The air in L’s flat hung static, warmer than it needed to be. Light placed his shoes neatly in the entryway and edged past him with a sharply courteous smile, predatorial, before slinging his jacket off and onto the dusty kitchen counter. L locked the door behind him. “Thank you for finally letting me in, L, and drop the honorific, we’ve been past that for ages.”
L hummed and trailed behind Light as he swept into the bedroom. The filled-in cryptic sat neon on the desk, the only orderly thing besides Light himself, with his pretentious jackets and ties and pushed-back cuticles, looking very out of place, like some disappointed headmaster, not a seventeen-year-old serial killer. Potential serial killer. Serial killer.
“You live like a frat boy,” said Light, bending down and dangling a teacup from between his thumb and forefinger. He wrinkled his nose. “Ugh. How are you older than me.”

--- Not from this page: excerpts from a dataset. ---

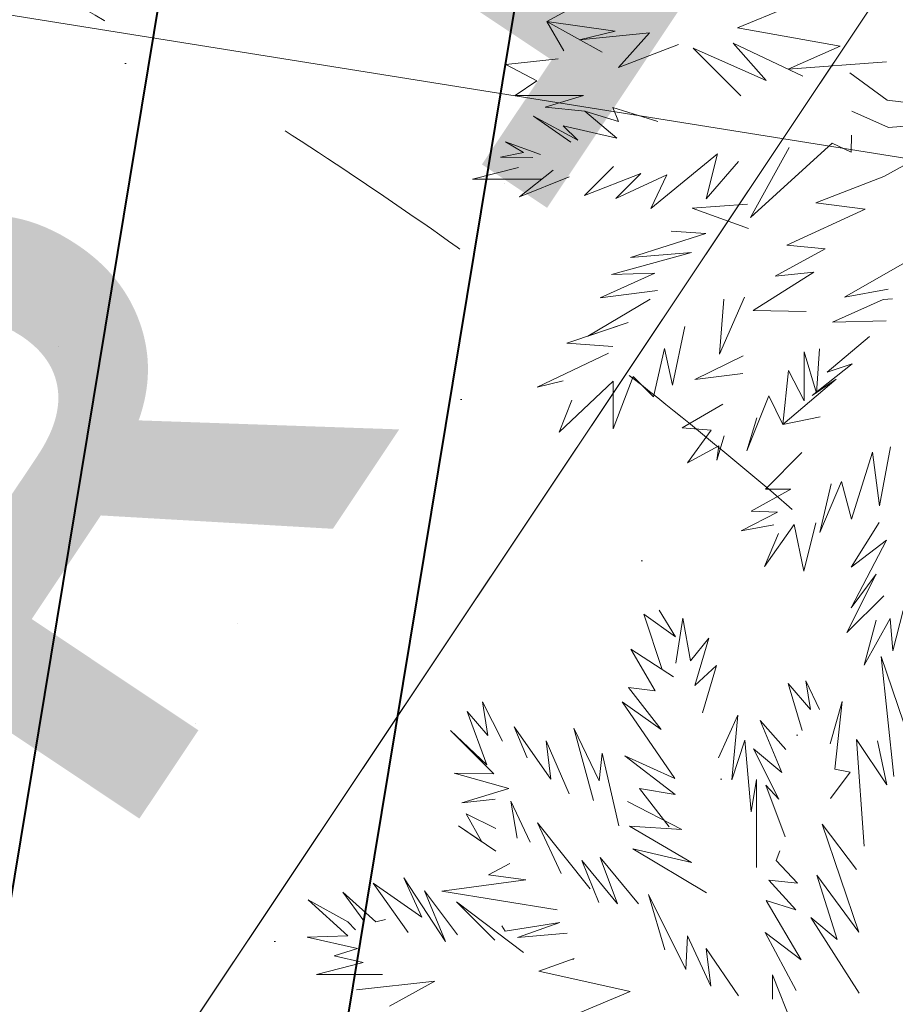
# Model space of a CAD drawing. Header units: millimetres. Extents: x 6487905018 to 6488192500, y 5882180700 to 5882375224.
# Tile 144 of 256: x 6488050973 to 6488052217, y 5882253674 to 5882255074. Entities that reach past the tile are written whole.
import ezdxf
from ezdxf.xclip import XClip

# ---------------------------------------------------------------- set-up
doc = ezdxf.new("R2010")
doc.units = ezdxf.units.MM
doc.header["$MEASUREMENT"] = 0
doc.header["$XCLIPFRAME"] = 2
for name, pattern in [('Dashed', [600, 300, -300]), ('Przerywana', [2400, 1200, -1200]), ('Wipeout_Contour', [1000, 0, -1000])]:
    doc.linetypes.add(name, pattern=pattern)
for name, color, linetype, lineweight in [('drzewa_Nr_pióra__154', 94, 'Continuous', 5), ('LEGENDA_Nr_pióra__20', 2, 'Continuous', 40), ('LEGENDA_Nr_pióra__66', 32, 'Continuous', 40), ('linie plan_Nr_pióra__2', 160, 'Continuous', 25), ('przewod_telekomunikacyjny__linia__Nr_pióra__1', 7, 'Continuous', 0), ('teren zielony_Nr_pióra__157', 93, 'Continuous', 0), ('Wymiarowanie_Nr_pióra__1', 7, 'Continuous', 0), ('ZBIORNIK_Nr_pióra__81', 182, 'Continuous', 5)]:
    doc.layers.add(name, color=color, linetype=linetype, lineweight=lineweight)
for name, color, linetype in [('Mapa cyfrowa', 7, 'Continuous'), ('przewod_telekomunikacyjny__linia_', 7, 'Continuous'), ('Wymiarowanie', 7, 'Continuous'), ('Zamość 06.10._2_Mapa cyfrowa', 7, 'Continuous')]:
    doc.layers.add(name, color=color, linetype=linetype)
doc.styles.add('GENERATED_STYLE_2', font='txt')
doc.linetypes.add('Symbol', pattern='A,0,[5,PZT Orlen Zamość.pdf1.Shx,S=11.904762,R=0,X=0,Y=0],-2000,0', length=2000)
doc.dimstyles.new('GENERATED_STYLE__1', dxfattribs={"dimtxt": 750, "dimasz": 570, "dimexe": 0.18, "dimexo": 0, "dimgap": 0.09, "dimtad": 1, "dimlfac": 0.001, "dimzin": 0, "dimdsep": 46, "dimtxsty": 'GENERATED_STYLE_2', "dimblk": 'ARROWHEAD_11', "dimblk1": 'ARROWHEAD_11', "dimblk2": 'ARROWHEAD_11', "dimcen": 0.09, "dimclrd": 7, "dimclre": 7, "dimclrt": 7, "dimazin": 0, "dimtfac": 1, "dimtdec": 4, "dimtmove": 2, "dimatfit": 3, "dimfxl": 0, "dimtolj": 1, "dimtzin": 0, "dimarcsym": 0})
doc.dimstyles.new('GENERATED_STYLE__10', dxfattribs={"dimtxt": 600.000024, "dimasz": 917.874396, "dimexe": 0.18, "dimexo": 40, "dimgap": 0.09, "dimtad": 1, "dimtih": 1, "dimtoh": 1, "dimdec": 0, "dimlfac": 0.1, "dimzin": 0, "dimdsep": 46, "dimtxsty": 'GENERATED_STYLE_2', "dimblk": 'ARROWHEAD_5', "dimblk1": 'ARROWHEAD_5', "dimblk2": 'ARROWHEAD_5', "dimcen": 0.09, "dimclrd": 7, "dimclre": 7, "dimclrt": 7, "dimazin": 0, "dimtfac": 1, "dimtdec": 4, "dimtmove": 0, "dimatfit": 3, "dimfxl": 0, "dimtolj": 1, "dimtzin": 0, "dimarcsym": 0})
doc.dimstyles.new('GENERATED_STYLE__9', dxfattribs={"dimtxt": 750, "dimasz": 917.874396, "dimexe": 0.18, "dimexo": 40, "dimgap": 0.09, "dimtad": 1, "dimdec": 0, "dimlfac": 0.1, "dimzin": 0, "dimdsep": 46, "dimtxsty": 'GENERATED_STYLE_2', "dimblk": 'ARROWHEAD_5', "dimblk1": 'ARROWHEAD_5', "dimblk2": 'ARROWHEAD_5', "dimcen": 0.09, "dimclrd": 7, "dimclre": 7, "dimclrt": 7, "dimazin": 0, "dimtfac": 1, "dimtdec": 4, "dimtmove": 2, "dimatfit": 3, "dimfxl": 0, "dimtolj": 1, "dimtzin": 0, "dimarcsym": 0})

# ---------------------------------------------------------------- blocks, each defined once
blk = doc.blocks.new('Rysunek_1_2')
at = {"color": 254, "linetype": 'Wipeout_Contour', "lineweight": 0, "ltscale": 70061284114.24681}
blk.add_wipeout([(6487915525.867126, 5882181505.900702), (6488146644.289524, 5882181505.900702), (6488146644.289524, 5882373115.540435), (6488107628.768834, 5882373115.540435), (6488107628.768834, 5882320263.490532), (6488101226.436201, 5882320263.490532), (6488101226.436201, 5882373115.540435), (6487915525.867126, 5882373115.540435)], dxfattribs=at).dxf.layer = 'Zamość 06.10._2_Mapa cyfrowa'
blk = doc.blocks.new('*D48', base_point=(6488045394.921593, 5882250647.102998))
at = {"layer": 'Wymiarowanie_Nr_pióra__1', "linetype": 'Continuous'}
for points in [[(6488036623.110794, 5882257396.875629), (6488036611.692724, 5882257454.278144), (6488036579.176811, 5882257502.941647), (6488036530.513309, 5882257535.45756), (6488036473.110794, 5882257546.875629), (6488036415.70828, 5882257535.45756), (6488036367.044777, 5882257502.941647), (6488036334.528864, 5882257454.278144), (6488036323.110794, 5882257396.875629), (6488036334.528864, 5882257339.473115), (6488036367.044777, 5882257290.809612), (6488036415.70828, 5882257258.293699), (6488036473.110794, 5882257246.875629), (6488036530.513309, 5882257258.293699), (6488036579.176811, 5882257290.809612), (6488036611.692724, 5882257339.473115)], [(6488054863.783208, 5882254479.44625), (6488054852.365138, 5882254536.848765), (6488054819.849225, 5882254585.512267), (6488054771.185722, 5882254618.02818), (6488054713.783208, 5882254629.44625), (6488054656.380693, 5882254618.02818), (6488054607.717191, 5882254585.512267), (6488054575.201278, 5882254536.848765), (6488054563.783208, 5882254479.44625), (6488054575.201278, 5882254422.043736), (6488054607.717191, 5882254373.380233), (6488054656.380693, 5882254340.86432), (6488054713.783208, 5882254329.44625), (6488054771.185722, 5882254340.86432), (6488054819.849225, 5882254373.380233), (6488054852.365138, 5882254422.043736)]]:
    blk.add_hatch(color=256, dxfattribs=at).paths.add_polyline_path(points)
for p, q in [((6488036561.948439, 5882257952.316106), (6488036496.800833, 5882257544.99309)), ((6488036324.993334, 5882257420.565668), (6488036176.875874, 5882257444.255706)), ((6488054565.665748, 5882254503.136289), (6488036621.228254, 5882257373.185591)), ((6488036449.420755, 5882257248.758169), (6488036384.273149, 5882256841.435153)), ((6488054802.620852, 5882255034.886726), (6488054737.473247, 5882254627.56371)), ((6488055010.018128, 5882254432.066174), (6488054861.900668, 5882254455.756211)), ((6488054690.093169, 5882254331.32879), (6488054624.945563, 5882253924.005774))]:
    blk.add_line(p, q, dxfattribs=at)
for centre in [(6488036473.110794, 5882257396.875629), (6488054713.783208, 5882254479.44625)]:
    blk.add_circle(centre, 150, dxfattribs=at)
at = {"layer": 'Wymiarowanie_Nr_pióra__1', "insert": (6488043336.663181, 5882256451.019419), "char_height": 750, "attachment_point": 7, "rotation": 350.913025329, "style": 'GENERATED_STYLE_2'}
blk.add_mtext('\\A1;{\\fArial|b1|i0|c238|p38;18,47}', dxfattribs=at)
blk = doc.blocks.new('ARROWHEAD_11')
at = {"color": 0, "linetype": 'Continuous', "lineweight": 0}
blk.add_line((0, 0), (-1, 0), dxfattribs=at)
at = {"color": 0, "linetype": 'Continuous', "lineweight": 0, "const_width": 0.25, "flags": 128}
blk.add_lwpolyline([(-0.125, 0, 1), (0.125, 0, 1)], format="xyb", close=True, dxfattribs=at)
blk = doc.blocks.new('*D77', base_point=(6488045394.921593, 5882250647.102998))
at = {"layer": 'przewod_telekomunikacyjny__linia__Nr_pióra__1', "linetype": 'Continuous'}
blk.add_hatch(color=256, dxfattribs=at).paths.add_polyline_path([(6488057351.020344, 5882262834.607491), (6488056625.094238, 5882262197.391973), (6488057040.957753, 5882261919.79958)])
for p, q in [((6488057351.020344, 5882262834.607491), (6488056625.094238, 5882262197.391973)), ((6488057351.020344, 5882262834.607491), (6488057040.957753, 5882261919.79958)), ((6488057040.957753, 5882261919.79958), (6488056625.094238, 5882262197.391973)), ((6488056833.025996, 5882262058.595777), (6488046247.324568, 5882246200.066916)), ((6488046247.324568, 5882246200.066916), (6488053285.437386, 5882256743.923269)), ((6488049023.248511, 5882250108.702061), (6488049023.248511, 5882250608.702061)), ((6488048773.248511, 5882250358.702061), (6488049273.248511, 5882250358.702061))]:
    blk.add_line(p, q, dxfattribs=at)
at = {"layer": 'przewod_telekomunikacyjny__linia__Nr_pióra__1', "insert": (6488051112.822264, 5882253874.06099), "char_height": 750, "attachment_point": 7, "rotation": 56.276556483, "style": 'GENERATED_STYLE_2'}
blk.add_mtext('\\A1;{\\fArial|b1|i0|c238|p38;R 1\xa0500}', dxfattribs=at)
blk = doc.blocks.new('ARROWHEAD_5')
at = {"color": 0, "linetype": 'Continuous', "lineweight": 0}
blk.add_line((0, 0), (-1, 0), dxfattribs=at)
blk.add_solid([(-1, 0.2679), (0, 0), (-1, -0.2679), (-1, 0.2679)], dxfattribs=at)
blk = doc.blocks.new('*D79', base_point=(6488045394.921593, 5882250647.102998))
at = {"layer": 'Wymiarowanie_Nr_pióra__1', "linetype": 'Continuous'}
blk.add_hatch(color=256, dxfattribs=at).paths.add_polyline_path([(6488063680.254711, 5882253548.085899), (6488062715.420314, 5882253593.987003), (6488062821.733109, 5882253105.42013)])
for p, q in [((6488063680.254711, 5882253548.085899), (6488062715.420314, 5882253593.987003)), ((6488062821.733109, 5882253105.42013), (6488062715.420314, 5882253593.987003)), ((6488063680.254711, 5882253548.085899), (6488062821.733109, 5882253105.42013)), ((6488062768.576711, 5882253349.703567), (6488057266.319777, 5882252152.405216)), ((6488057266.319777, 5882252152.405216), (6488054914.661612, 5882252152.405216)), ((6488049023.248511, 5882250108.702061), (6488049023.248511, 5882250608.702061)), ((6488048773.248511, 5882250358.702061), (6488049273.248511, 5882250358.702061))]:
    blk.add_line(p, q, dxfattribs=at)
at = {"layer": 'Wymiarowanie_Nr_pióra__1', "insert": (6488054914.661612, 5882252272.405221), "char_height": 600.00002384, "attachment_point": 7, "style": 'GENERATED_STYLE_2'}
blk.add_mtext('\\A1;{\\fArial|b1|i0|c238|p38;1\xa0500}', dxfattribs=at)

msp = doc.modelspace()

# ---------------------------------------------------------------- block references
at = {"layer": 'Mapa cyfrowa', "color": 22, "linetype": 'Continuous', "lineweight": 5}
ref = msp.add_blockref('Rysunek_1_2', (0, 0), dxfattribs=at)
XClip(ref).set_block_clipping_path([(6487915525.8671264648, 5882181505.9007024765), (6488146644.2895231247, 5882181505.9007024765), (6488146644.2895231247, 5882373115.5404348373), (6488107628.7688331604, 5882373115.5404348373), (6488107628.7688331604, 5882320263.4905319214), (6488101226.4362001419, 5882320263.4905319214), (6488101226.4362001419, 5882373115.5404348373), (6487915525.8671264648, 5882373115.5404348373)])

# ---------------------------------------------------------------- next in the draw order: hatches: boundary and pattern name
at = {"layer": 'teren zielony_Nr_pióra__157', "linetype": 'Continuous'}
h = msp.add_hatch(dxfattribs=at)
h.set_pattern_fill('płyty_kamienne', color=256, style=0, pattern_type=2)
h.set_pattern_definition([(45, (6488045394.9, 5882252147.1), (-477.297, 477.297), [0, -450, 0, -675]), (110, (6488046894.9, 5882252147.1), (634.293, 230.864), [0, -330, 0, -570])])
h.paths.add_polyline_path([(6488047566.699059, 5882255932.5327), (6488045555.029326, 5882243354.950158), (6488046140.947524, 5882232527.375745, 0.2070569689), (6488048206.599371, 5882228254.370432, 0.0243137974), (6488049407.91275, 5882227454.239101, 0.0023663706), (6488049528.889167, 5882227382.669014), (6488050419.958063, 5882227639.987889), (6488050422.409745, 5882227655.31354), (6488050730.000001, 5882229610.000001), (6488051058.251553, 5882231630.009551), (6488051118.989788, 5882232009.688929), (6488053911.431513, 5882249465.456784), (6488055989.23284, 5882262453.952582), (6488056194.365236, 5882263736.503895), (6488052143.069927, 5882263733.65154), (6488050824.942152, 5882255492.308228, 0.0532631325)])

# ---------------------------------------------------------------- next in the draw order: linework, layer by layer
at = {"layer": 'drzewa_Nr_pióra__154', "linetype": 'Continuous'}
for p, q in [((6488051722.109881, 5882255070.955726), (6488051786.469616, 5882255106.312978)), ((6488051992.932839, 5882255062.115499), (6488052064.224538, 5882255091.616917)), ((6488051819.216583, 5882255057.179338), (6488051722.109881, 5882255070.955726)), ((6488051745.966567, 5882255029.309119), (6488051722.109881, 5882255070.955726)), ((6488051722.109881, 5882255070.955726), (6488051800.356337, 5882255027.311381)), ((6488051768.548166, 5882255045.181011), (6488051819.216583, 5882255057.179338)), ((6488051867.908754, 5882255054.876306), (6488051768.548166, 5882255045.181011)), ((6488051823.512486, 5882255005.434042), (6488051867.908754, 5882255054.876306)), ((6488052138.583941, 5882255036.007388), (6488051992.932839, 5882255062.115499)), ((6488051908.905092, 5882255038.464597), (6488051823.512486, 5882255005.434042)), ((6488052033.679694, 5882254987.032878), (6488051986.567876, 5882255040.412221)), ((6488051986.567876, 5882255040.412221), (6488052085.596677, 5882254993.57069)), ((6488051997.488156, 5882254965.530297), (6488051930.051, 5882255032.967453)), ((6488051930.051, 5882255032.967453), (6488052033.679694, 5882254987.032878)), ((6488052064.832136, 5882255003.392509), (6488052138.583941, 5882255036.007388)), ((6488051663.471063, 5882255010.098504), (6488051737.780205, 5882255017.848362)), ((6488051707.853631, 5882254986.943188), (6488051663.471063, 5882255010.098504)), ((6488052204.854861, 5882255013.675381), (6488052064.832136, 5882255003.392509)), ((6488052205.410297, 5882254959.152853), (6488052152.368936, 5882254998.153855)), ((6488051676.949809, 5882254966.054619), (6488051707.853631, 5882254986.943188)), ((6488051773.826071, 5882254966.054619), (6488051676.949809, 5882254966.054619)), ((6488051719.632505, 5882254949.444145), (6488051773.826071, 5882254966.054619)), ((6488052322.413303, 5882254945.112493), (6488052205.410297, 5882254959.152853)), ((6488051775.955242, 5882254943.595844), (6488051719.632505, 5882254949.444145)), ((6488051821.500494, 5882254905.016534), (6488051775.955242, 5882254943.595844)), ((6488051775.955242, 5882254943.595844), (6488051823.917376, 5882254928.807479)), ((6488051823.917376, 5882254928.807479), (6488051815.678485, 5882254949.01265)), ((6488051815.678485, 5882254949.01265), (6488051879.777354, 5882254929.151029)), ((6488052207.481892, 5882254920.475423), (6488052155.489016, 5882254943.552452)), ((6488051756.093621, 5882254899.358597), (6488051702.828363, 5882254936.373437)), ((6488051702.828363, 5882254936.373437), (6488051765.714323, 5882254902.411357)), ((6488052317.733184, 5882254929.512092), (6488052207.481892, 5882254920.475423)), ((6488051765.714323, 5882254902.411357), (6488051745.13794, 5882254922.991501)), ((6488051745.13794, 5882254922.991501), (6488051821.500494, 5882254905.016534)), ((6488051688.698763, 5882254885.02249), (6488051663.105121, 5882254900.261397)), ((6488051663.105121, 5882254900.261397), (6488051712.759174, 5882254882.205379)), ((6488052011.528517, 5882254792.365848), (6488052127.495643, 5882254898.274799)), ((6488052127.495643, 5882254898.274799), (6488052154.465609, 5882254885.21571)), ((6488052154.465609, 5882254885.21571), (6488052155.052204, 5882254909.368854)), ((6488052201.042186, 5882254850.990074), (6488052306.236696, 5882254908.450286)), ((6488051655.853824, 5882254878.240276), (6488051688.698763, 5882254885.02249)), ((6488051869.846543, 5882254805.467296), (6488051964.640645, 5882254883.108179)), ((6488051964.640645, 5882254883.108179), (6488051948.248752, 5882254819.067853)), ((6488052066.12992, 5882254892.208413), (6488052011.528517, 5882254792.365848)), ((6488051702.021791, 5882254877.677748), (6488051655.853824, 5882254878.240276)), ((6488051948.248752, 5882254819.067853), (6488051994.433078, 5882254872.274568)), ((6488051616.29545, 5882254846.972203), (6488051681.60805, 5882254863.370645)), ((6488051730.815194, 5882254859.635354), (6488051682.966743, 5882254821.717713)), ((6488051816.581286, 5882254865.05216), (6488051775.204898, 5882254823.675772)), ((6488051775.204898, 5882254823.675772), (6488051855.478206, 5882254855.131044)), ((6488051855.478206, 5882254855.131044), (6488051819.774481, 5882254819.42732)), ((6488051714.835504, 5882254846.972203), (6488051616.29545, 5882254846.972203)), ((6488051682.966743, 5882254821.717713), (6488051753.572506, 5882254850.072106)), ((6488051819.774481, 5882254819.42732), (6488051892.252545, 5882254853.096263)), ((6488051892.252545, 5882254853.096263), (6488051869.846543, 5882254805.467296)), ((6488052201.042186, 5882254850.990074), (6488052104.3197, 5882254813.549112)), ((6488052104.3197, 5882254813.549112), (6488052174.521504, 5882254804.188871)), ((6488051928.413633, 5882254805.979697), (6488052006.910749, 5882254811.500395)), ((6488052008.722909, 5882254776.789559), (6488051928.413633, 5882254805.979697)), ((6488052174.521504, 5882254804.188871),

“I was born earlier. Light-kun, you needn’t come, if you find it so debasing.”
Light stacked as many mugs as he could carry and placed them on the desk. “You said you wanted to work on the investigation. Rather suspicious, if I didn’t come, right? Something Kira would do?”
“Kira would do whatever he thinks would outpace me.” Light was starting to pick up the duvet. Making the bed. Too domestic. It’d get messed up soon. “Leave the bed, Light.”
“You don’t even have anything you need to work on with me. You finished it days ago. What, L,” Light said, and he flicked the lights off, leaving him backlit by the computer, a caricature of night despite it being well before noon, “were you lonely?”
L slipped his fingers into the knot of Light’s tie and pulled. Right above the jugular. “You knew it was a pretense and you came nonetheless. I wouldn’t call anyone lonely if I were you, Light-kun.”
Light pushed him down onto the half-made bed. Something, maybe his phone, dug into L’s back, mirrored as Light’s fingertips dug into his collarbone, knee between L’s thighs. Being held flat hurt after days of sitting curled and hunched over.
The clear displacement of Light in this room fascinated L. Distracted him from the physical threat, promise, over him. Light could make his body feel like it belonged to him, for once, hurt and ache in satisfaction, and as good as it was—because it was good, L was picky, didn’t do this often—it wasn’t the point. It’d always been about the mind. L squirmed as Light bit at his neck.
“You’re a bit of a wreck, L,” Light said, mouth to his skin, “Good thing Kira can’t see you like this.”
L dragged him closer with a fist in the collar of his too-white shirt. It wouldn’t end well, but the captivating things never did. “Good thing indeed.”